Mais c’est à côté, à l’intérieur du Belvédère, que le charme opérait. Le travail d’éclairage était époustouflant : doux, net, atmosphérique. Le brouillard enveloppait la pièce de velours. Les lumières s’y réfractaient, sculptant les corps en mouvement. Cela ressemblait à une cérémonie, comme si l’on entrait dans une transe collective.
Yazzus, la DJ britanno-ghanéenne issue de l’underground queer berlinois, a pris les commandes et a propulsé la soirée dans une autre dimension. Son set était radieux : rapide, sexy, explosif. Elle a puisé dans le ghettotech, la jungle et la nostalgie des raves du début des années 2000, mais le résultat était indubitablement le sien. Avec chaque drop et chaque build, elle créait un espace à la fois extatique et vulnérable. Très énergique mais joyeuse, elle nous a donné la permission de nous laisser aller. La salle a réagi de la même manière. Comme on nous l’a dit plus tôt dans la soirée, « c’est une question d’intensité, mais c’est aussi une question d’attention ».
Puis est arrivé DJ Tool, qui nous a plongés encore plus profondément dans l’obscurité. Membre du collectif berlinois Mala Junta , il est connu pour sa techno rapide et chargée d’émotions, d’une précision chirurgicale. Son set était implacable, industriel, physique et inébranlable. Si Yazzus nous a donné des ailes, Tool nous a enfermés dans le tunnel et a accéléré. Mais même ici, dans les moments les plus durs, il y avait un sentiment de contrôle et de confiance, celui d’être emmené quelque part dans un but précis.
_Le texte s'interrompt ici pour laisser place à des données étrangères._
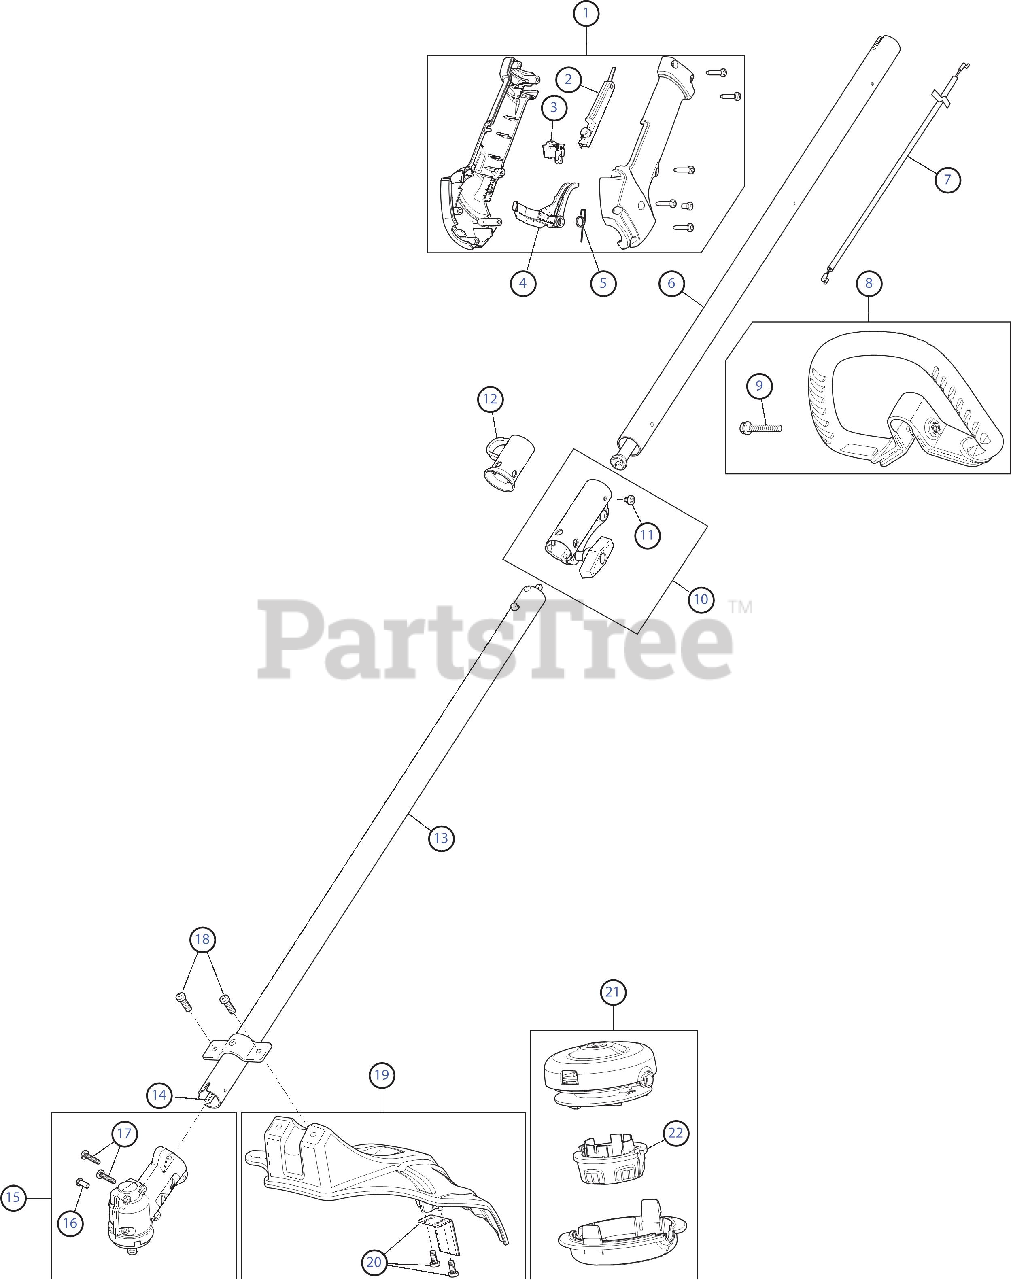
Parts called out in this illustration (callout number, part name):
1	Throttle Housing Assembly
2	Throttle Trigger Lock-Out
3	Throttle Switch Assembly
4	Throttle Trigger
5	Throttle Trigger Spring
6	Upper Drive Shaft Assembly
7	Throttle Cable
8	D-Handle Assembly
10	Split Boom Coupler
11	Coupler Anti-Rotation Screw
12	Hanger
13	Lower Drive Shaft Housing
14	Lower Flexible Drive Shaft
15	Gearbox Assembly
16	Anti-Rotation Screw
17	Gearbox Mounting Hardware
18	Shield Mounting Screws
19	Shield Assembly
20	Blade Assembly
21	Cutting Head Assembly
22	Bump Knob

Cette soirée à l’Exposé Noir ne s’est pas contentée de présenter trois DJ. L’événement a honoré l’architecture émotionnelle de la vie nocturne : comment la bonne énergie, le bon son et le bon cadre peuvent faire passer une salle de l’évasion à quelque chose de plus profond. Elle nous a rappelé à quel point il est bon d’être complètement, pleinement présent.